Namun kita semua paham, bahwa yang dimaksud dengan "waktu imsak" pada jadwal imsakiyyah itu, bukan seperti itu. Faktanya:

(a) "Waktu imsak" itu mengacu pada Hadits jarak waktu antara Nabi sahur dan adzan shubuh, yaitu kadar bacaan 50 ayat Al-Qur'an.

(b) "Waktu imsak" itu dibuat sekadar untuk siap-siap dan hati-hati, karena sudah menjelang waktu shubuh.
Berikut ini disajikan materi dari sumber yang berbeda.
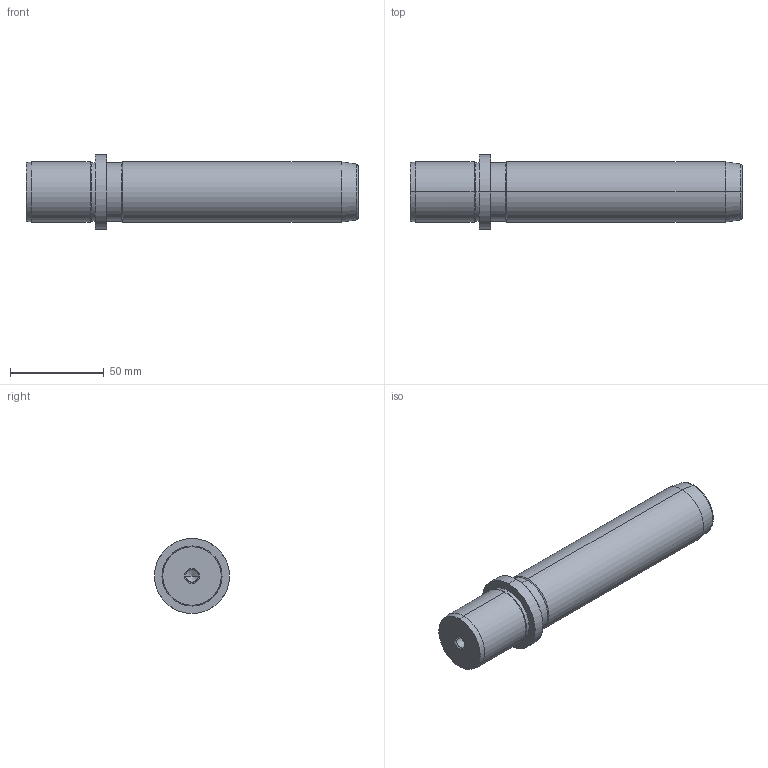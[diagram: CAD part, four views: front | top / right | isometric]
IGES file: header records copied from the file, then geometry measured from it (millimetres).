
Start section: START RECORD GO HERE.
Global section: file name: 718-32x140.igs; native system: DASSAULT SYSTEMES CATIA V5 R20 - www.3ds.com; preprocessor: CATIA Version 5 Release 20 ; author: Utente; organization: NB04-ASUS; date: 20210102.140844; units: millimetre
Bounding box: 177 x 40 x 40 mm (x, y, z)
Surface area: 21333.9 mm2 (no closed solid volume)
Topology: 0 solids, 0 shells, 36 faces, 196 edges, 192 vertices
Faces by surface type: revolution 32, plane 4

Bukan untuk melarang atau mengharamkan makan dan minum setelah "waktu imsak" tersebut.

3. Seandainya pertanyaan si mustafti diubah redaksinya, sesuai dengan fakta "waktu imsak" yang sebenarnya, dan/atau Syaikh Bin Baz mengetahui fakta yang ditanyakan, ada kemungkinan, jawaban beliau akan berbeda.

Terakhir, mari kita bandingkan dengan penjelasan dari situs Muhammadiyah berikut ini:

---Awal kutipan---

"Menurut pendapat kami adanya istilah imsak 10 menit seperti tercantum dalam Kalender Muhammadiyah itu belum dapat divonis sebagai suatu bid’ah. Kalaupun mau dikatakan bid’ah, adalah hanya dari segi bahasa, bukan segi Syar’iy, karena praktek seperti itu tidak ada pada masa Rasulullah shallallahu ‘alaihi wa sallam maupun masa shahabat.

Sesungguhnya imsak dalam kebiasaan kita itu tidak lebih sebatas atau sekedar peringatan untuk berhati-hati belaka atau Ihtiyat saja, bukan untuk melarang untuk tidak boleh makan minum waktu 10 menit itu. Dengan lain perkataan itu dimaksudkan sebagai peringatan di lampu lalu lintas seperti lampu kuning untuk siap-siap dan berhati-hati saja dan yang begitu tidak salah dan tidak terlarang dilihat dari kacamata Syara’."